State is supposed to represent, and that, in reality, are nothing but

the general and constant negation of the positive interests of the

regions, provinces, communes, associations and the majority of

individuals subject to the State, constitute an abstraction, a fiction,

a lie. The State is like a vast butcher’s shop, like an immense cemetery

where, under the sway of that abstraction, all the general men, all

those who make the living strength of a country, come foolishly to let

themselves be sacrificed and buried. Now, no abstraction exists by

itself, no abstraction having either the arms to create, or the stomach

to digest that mass of victims that we serve up to it, it is obvious

that the religious or celestial abstraction, God, represents, in

reality, the very positive, very real interests of a privileged class,

the clergy: it is equally obvious that its terrestrial complement, the

political abstraction, the State, represents the no less positive and

real interests of the class today principally, if not exclusively

exploiting, and which, besides, tends to include all the others, the

Bourgeoisie.

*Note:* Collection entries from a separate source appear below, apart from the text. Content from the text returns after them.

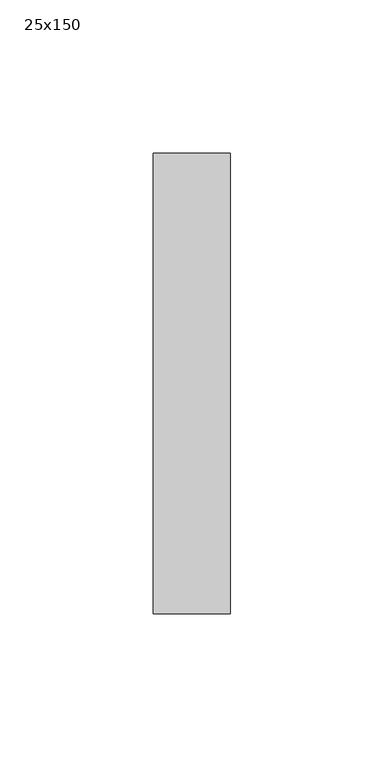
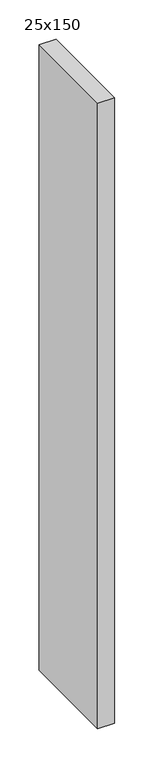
"""IFC4 building model written with IfcOpenShell, lengths in millimetres: member geometry, 長方形のマリオン : 25x150."""

from ifc_helpers import new_model, si_unit, frame, origin, place, context, project, spatial, polyline, outline, extrude, source, transform, mapped, element, save


def member_25x150_6da1263c(model_context):
    return source(origin(), model_context, "Body", "SweptSolid", [
        extrude(outline(polyline([(0.0, 75.0), (0.0, -75.0), (-25.0, -75.0), (-25.0, 75.0), (0.0, 75.0)])), frame((0.0, 0.0, -975.0), z_axis=(0.0, 0.0, 1.0), x_axis=(1.0, 0.0, 0.0)), (0.0, 0.0, 1.0), 975.0),
    ])


if __name__ == "__main__":
    model = new_model("IFC4")
    model_context = context("Model", 3, world=origin())
    ifc_project = project(units=[si_unit("LENGTHUNIT", "METRE", prefix="MILLI")], contexts=[model_context])
    site = spatial("IfcSite", under=ifc_project)
    building = spatial("IfcBuilding", under=site)
    placement = place(None, origin())
    member_25x150_shape = member_25x150_6da1263c(model_context)
    element("IfcMember", 1, ObjectType="長方形のマリオン : 25x150", at=placement, inside=building, context=model_context, shape_type="MappedRepresentation", body=[
        mapped(member_25x150_shape, transform((0.0, 0.0, 0.0), x_axis=(1.0, 0.0, 0.0), y_axis=(0.0, 1.0, 0.0), z_axis=(0.0, 0.0, 1.0))),
    ])
    save(model, "model.ifc")
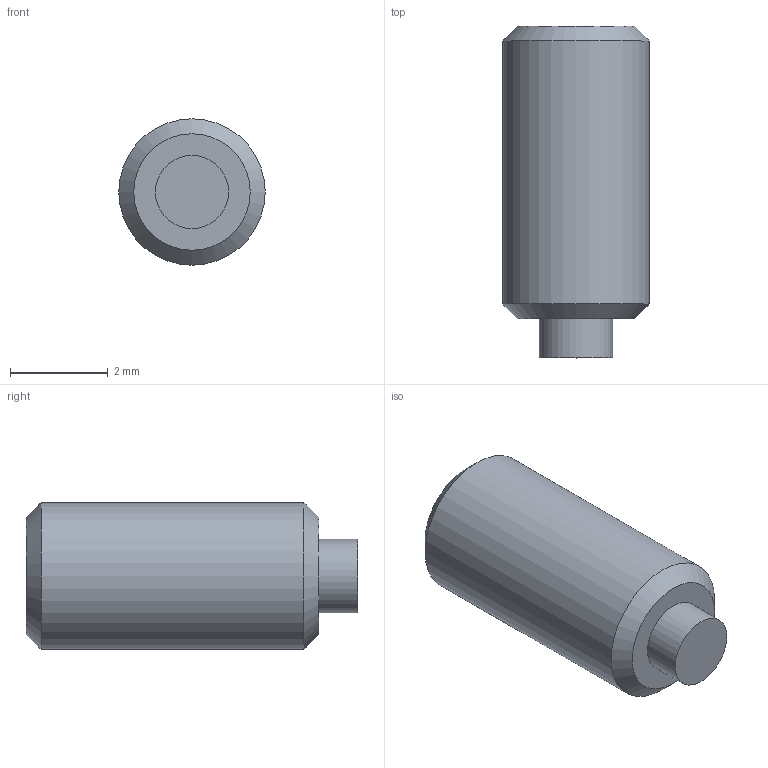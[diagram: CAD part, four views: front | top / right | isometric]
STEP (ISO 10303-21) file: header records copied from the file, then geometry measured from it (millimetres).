
FILE_DESCRIPTION( ( 'STEP AP203' ), '1' );
FILE_NAME( 'C:/Temp/Ganter_Step_05_03_2020/data/3_2/gn913_3/Grub screw GN 913.3-M3-6-KU.stp', '2020-03-13T05:35:32', ( 'License CC BY-ND 4.0' ), ( 'CADENAS' ), ' ', 'PARTsolutions', ' ' );
FILE_SCHEMA( ( 'CONFIG_CONTROL_DESIGN' ) );
Length unit declared in the file: millimetre
Products named in the file (1): _Grub screw GN 913.3-M3-6-KU
Bounding box: 3 x 6.8 x 3 mm (x, y, z)
Volume: 40.1 mm3; surface area: 78.6 mm2
Topology: 1 solids, 1 shells, 14 faces, 28 edges, 18 vertices
Faces by surface type: plane 10, cylinder 2, cone 2
Full cylindrical faces by diameter (mm): 1.5 x1, 3 x1
Entity records: 386 total; most frequent: DIRECTION 60, CARTESIAN_POINT 57, ORIENTED_EDGE 48, EDGE_CURVE 24, AXIS2_PLACEMENT_3D 21, EDGE_LOOP 20, VERTEX_POINT 18, LINE 18
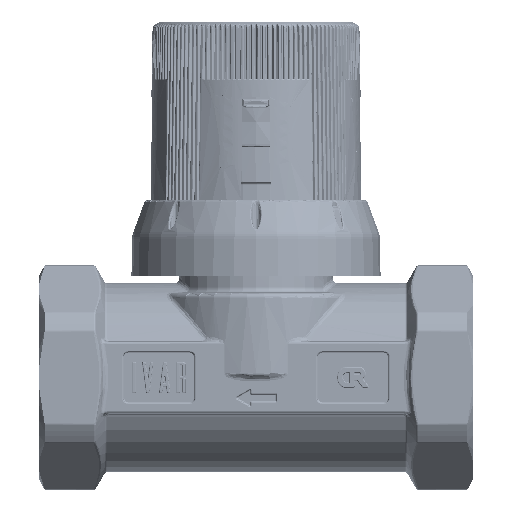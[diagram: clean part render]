
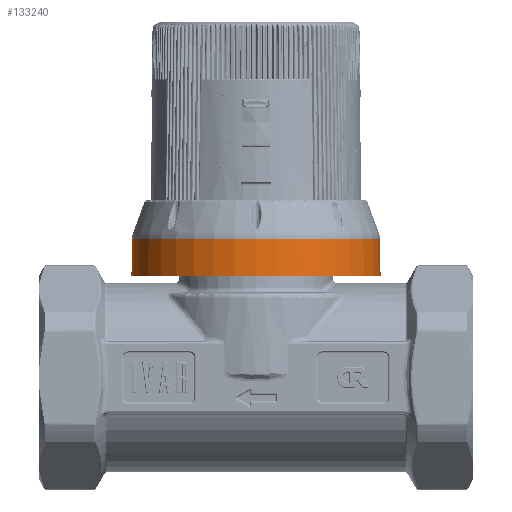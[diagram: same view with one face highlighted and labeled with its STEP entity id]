
A CAD part, top view. The second image highlights one B-rep face of the part: STEP entity #133240.
In plain terms, the highlighted conical face has half-angle 1 degrees and reference radius 24.319 mm.
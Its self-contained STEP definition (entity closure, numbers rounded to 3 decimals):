
#11048=FACE_OUTER_BOUND('',#19010,.T.);
#19010=EDGE_LOOP('',(#95835,#95836,#95837,#95838,#95839,#95840,#95841));
#28194=CIRCLE('',#142565,24.388);
#28195=CIRCLE('',#142566,24.388);
#28233=CIRCLE('',#142649,24.262);
#28234=CIRCLE('',#142650,24.262);
#28235=CIRCLE('',#142651,24.262);
#36150=LINE('',#238128,#42697);
#42697=VECTOR('',#163767,24.319);
#54773=VERTEX_POINT('',#237112);
#54774=VERTEX_POINT('',#237113);
#54798=VERTEX_POINT('',#238120);
#54799=VERTEX_POINT('',#238122);
#54800=VERTEX_POINT('',#238124);
#69673=EDGE_CURVE('',#54773,#54774,#28194,.T.);
#69674=EDGE_CURVE('',#54774,#54773,#28195,.T.);
#69753=EDGE_CURVE('',#54798,#54799,#28233,.T.);
#69754=EDGE_CURVE('',#54799,#54800,#28234,.T.);
#69755=EDGE_CURVE('',#54800,#54798,#28235,.T.);
#69756=EDGE_CURVE('',#54774,#54800,#36150,.T.);
#95835=ORIENTED_EDGE('',*,*,#69673,.T.);
#95836=ORIENTED_EDGE('',*,*,#69756,.T.);
#95837=ORIENTED_EDGE('',*,*,#69754,.F.);
#95838=ORIENTED_EDGE('',*,*,#69753,.F.);
#95839=ORIENTED_EDGE('',*,*,#69755,.F.);
#95840=ORIENTED_EDGE('',*,*,#69756,.F.);
#95841=ORIENTED_EDGE('',*,*,#69674,.T.);
#123855=CONICAL_SURFACE('',#142652,24.319,0.017);
#133240=ADVANCED_FACE('',(#11048),#123855,.T.);
#142565=AXIS2_PLACEMENT_3D('',#237114,#163591,#163592);
#142566=AXIS2_PLACEMENT_3D('',#237115,#163593,#163594);
#142649=AXIS2_PLACEMENT_3D('',#238123,#163759,#163760);
#142650=AXIS2_PLACEMENT_3D('',#238125,#163761,#163762);
#142651=AXIS2_PLACEMENT_3D('',#238126,#163763,#163764);
#142652=AXIS2_PLACEMENT_3D('',#238127,#163765,#163766);
#163591=DIRECTION('center_axis',(0.,1.,0.));
#163592=DIRECTION('ref_axis',(1.,0.,0.));
#163593=DIRECTION('center_axis',(0.,1.,0.));
#163594=DIRECTION('ref_axis',(1.,0.,0.));
#163759=DIRECTION('center_axis',(0.,1.,0.));
#163760=DIRECTION('ref_axis',(1.,0.,0.));
#163761=DIRECTION('center_axis',(0.,1.,0.));
#163762=DIRECTION('ref_axis',(1.,0.,0.));
#163763=DIRECTION('center_axis',(0.,1.,0.));
#163764=DIRECTION('ref_axis',(1.,0.,0.));
#163765=DIRECTION('center_axis',(0.,-1.,0.));
#163766=DIRECTION('ref_axis',(-1.,0.,0.));
#163767=DIRECTION('',(-0.017,1.,0.));
#237112=CARTESIAN_POINT('',(-24.388,19.9,0.));
#237113=CARTESIAN_POINT('',(24.388,19.9,0.));
#237114=CARTESIAN_POINT('Origin',(0.,19.9,
0.));
#237115=CARTESIAN_POINT('Origin',(0.,19.9,
0.));
#238120=CARTESIAN_POINT('',(0.,27.162,-24.262));
#238122=CARTESIAN_POINT('',(-24.262,27.162,0.));
#238123=CARTESIAN_POINT('Origin',(0.,27.162,
0.));
#238124=CARTESIAN_POINT('',(24.262,27.162,0.));
#238125=CARTESIAN_POINT('Origin',(0.,27.162,
0.));
#238126=CARTESIAN_POINT('Origin',(0.,27.162,
0.));
#238127=CARTESIAN_POINT('Origin',(0.,23.866,
0.));
#238128=CARTESIAN_POINT('',(24.319,23.866,0.));
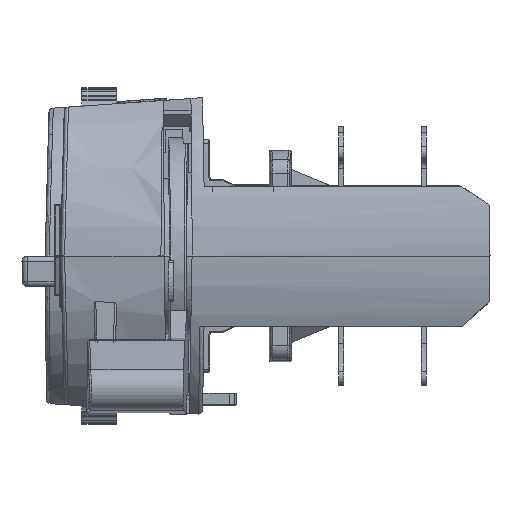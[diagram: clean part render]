
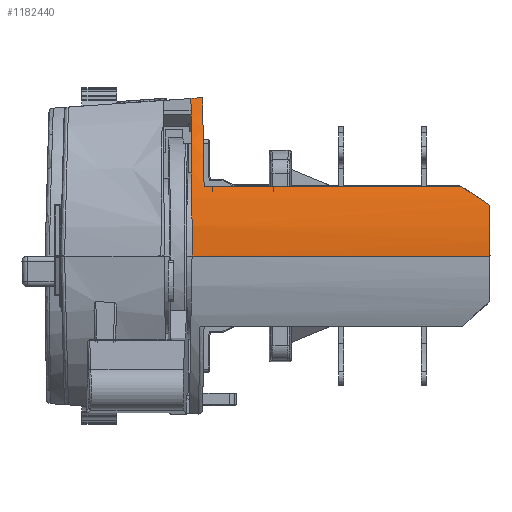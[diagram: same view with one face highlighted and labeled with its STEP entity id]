
A CAD part, left-side view. The second image highlights one B-rep face of the part: STEP entity #1182440.
In plain terms, the highlighted cylindrical face has radius 20 mm (diameter 40 mm), a partial arc.
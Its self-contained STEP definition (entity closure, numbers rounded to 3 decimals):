
#1155070=CARTESIAN_POINT('',(-123.383,7.148,
6.87));
#1155080=VERTEX_POINT('',#1155070);
#1155110=CARTESIAN_POINT('',(-104.6,7.028,0.)
);
#1155120=DIRECTION('',(0.,1.,-0.017));
#1155130=DIRECTION('',(0.,0.017,1.));
#1155140=AXIS2_PLACEMENT_3D('',#1155110,#1155120,#1155130);
#1155150=ELLIPSE('',#1155140,20.003,20.);
#1155160=CARTESIAN_POINT('',(-117.167,7.299,
15.559));
#1155170=VERTEX_POINT('',#1155160);
#1155180=EDGE_CURVE('',#1155080,#1155170,#1155150,.T.);
#1157700=CARTESIAN_POINT('',(-123.383,-18.085,
6.87));
#1157710=VERTEX_POINT('',#1157700);
#1157740=CARTESIAN_POINT('',(-123.383,7.148,
6.87));
#1157750=DIRECTION('',(0.,-1.,0.));
#1157760=VECTOR('',#1157750,1.);
#1157770=LINE('',#1157740,#1157760);
#1157780=EDGE_CURVE('',#1155080,#1157710,#1157770,.T.);
#1181720=CARTESIAN_POINT('',(-104.6,229.804,0.)
);
#1181730=DIRECTION('',(0.,0.07,0.998));
#1181740=DIRECTION('',(0.,-0.998,0.07));
#1181750=AXIS2_PLACEMENT_3D('',#1181720,#1181730,#1181740);
#1181760=ELLIPSE('',#1181750,286.712,20.);
#1181770=CARTESIAN_POINT('',(-117.264,8.435,
15.48));
#1181780=VERTEX_POINT('',#1181770);
#1181790=EDGE_CURVE('',#1181780,#1155170,#1181760,.T.);
#1181990=CARTESIAN_POINT('',(-104.6,14.8,0.));
#1182000=DIRECTION('',(0.,-1.,0.));
#1182010=DIRECTION('',(-1.,0.,0.));
#1182020=AXIS2_PLACEMENT_3D('',#1181990,#1182000,#1182010);
#1182030=CYLINDRICAL_SURFACE('',#1182020,20.);
#1182040=CARTESIAN_POINT('',(-104.6,8.3,0.)
);
#1182050=DIRECTION('',(0.,1.,-0.009));
#1182060=DIRECTION('',(0.,-0.009,-1.));
#1182070=AXIS2_PLACEMENT_3D('',#1182040,#1182050,#1182060);
#1182080=ELLIPSE('',#1182070,20.001,20.);
#1182090=CARTESIAN_POINT('',(-124.6,8.3,
0.));
#1182100=VERTEX_POINT('',#1182090);
#1182110=EDGE_CURVE('',#1182100,#1181780,#1182080,.T.);
#1182120=ORIENTED_EDGE('',*,*,#1182110,.F.);
#1182130=ORIENTED_EDGE('',*,*,#1181790,.F.);
#1182140=ORIENTED_EDGE('',*,*,#1155180,.T.);
#1182150=ORIENTED_EDGE('',*,*,#1157780,.F.);
#1182160=CARTESIAN_POINT('',(-104.6,-28.45,0.
));
#1182170=DIRECTION('',(0.,0.552,-0.834));
#1182180=DIRECTION('',(0.,-0.834,-0.552));
#1182190=AXIS2_PLACEMENT_3D('',#1182160,#1182170,#1182180);
#1182200=ELLIPSE('',#1182190,36.202,20.);
#1182210=CARTESIAN_POINT('',(-123.965,-20.906,
5.));
#1182220=VERTEX_POINT('',#1182210);
#1182230=EDGE_CURVE('',#1182220,#1157710,#1182200,.T.);
#1182240=ORIENTED_EDGE('',*,*,#1182230,.T.);
#1182250=CARTESIAN_POINT('',(-123.965,-20.906,
5.));
#1182260=CARTESIAN_POINT('',(-124.106,-20.911,
4.455));
#1182270=CARTESIAN_POINT('',(-124.34,-20.921,
3.358));
#1182280=CARTESIAN_POINT('',(-124.553,-20.935,
1.684));
#1182290=CARTESIAN_POINT('',(-124.6,-20.945,
0.563));
#1182300=CARTESIAN_POINT('',(-124.6,-20.95,
0.));
#1182310=B_SPLINE_CURVE_WITH_KNOTS('',3,(#1182250,#1182260,#1182270,
#1182280,#1182290,#1182300),.UNSPECIFIED.,.F.,.F.,(4,1,1,4),(0.,
0.333,0.667,1.),.UNSPECIFIED.);
#1182320=CARTESIAN_POINT('',(-124.6,-20.95,
0.));
#1182330=VERTEX_POINT('',#1182320);
#1182340=EDGE_CURVE('',#1182220,#1182330,#1182310,.T.);
#1182350=ORIENTED_EDGE('',*,*,#1182340,.F.);
#1182360=CARTESIAN_POINT('',(-124.6,-20.95,
0.));
#1182370=DIRECTION('',(0.,1.,0.));
#1182380=VECTOR('',#1182370,1.);
#1182390=LINE('',#1182360,#1182380);
#1182400=EDGE_CURVE('',#1182330,#1182100,#1182390,.T.);
#1182410=ORIENTED_EDGE('',*,*,#1182400,.F.);
#1182420=EDGE_LOOP('',(#1182410,#1182350,#1182240,#1182150,#1182140,
#1182130,#1182120));
#1182430=FACE_OUTER_BOUND('',#1182420,.T.);
#1182440=ADVANCED_FACE('',(#1182430),#1182030,.T.);

And as the clergy is always divided and today tends to

divide still more into a very powerful and very rich minority, and a

majority very subordinate and quite miserable, just so the bourgeoisie

and its various social and political organizations, in industry, in

agriculture, in the bank and in commerce, as well as in the

administrative, financial, judiciary, university, police and military

functions of the State, tend to split more each day into a really

dominant oligarchy and a counter mass of creatures, more or less vain

and more or less defeated, living in a perpetual illusion, always more

cast off in the proletariat by an irresistible force, that of the

present economic development. The wretches are inevitably reduced to

serving as blind instruments of that all-powerful oligarchy.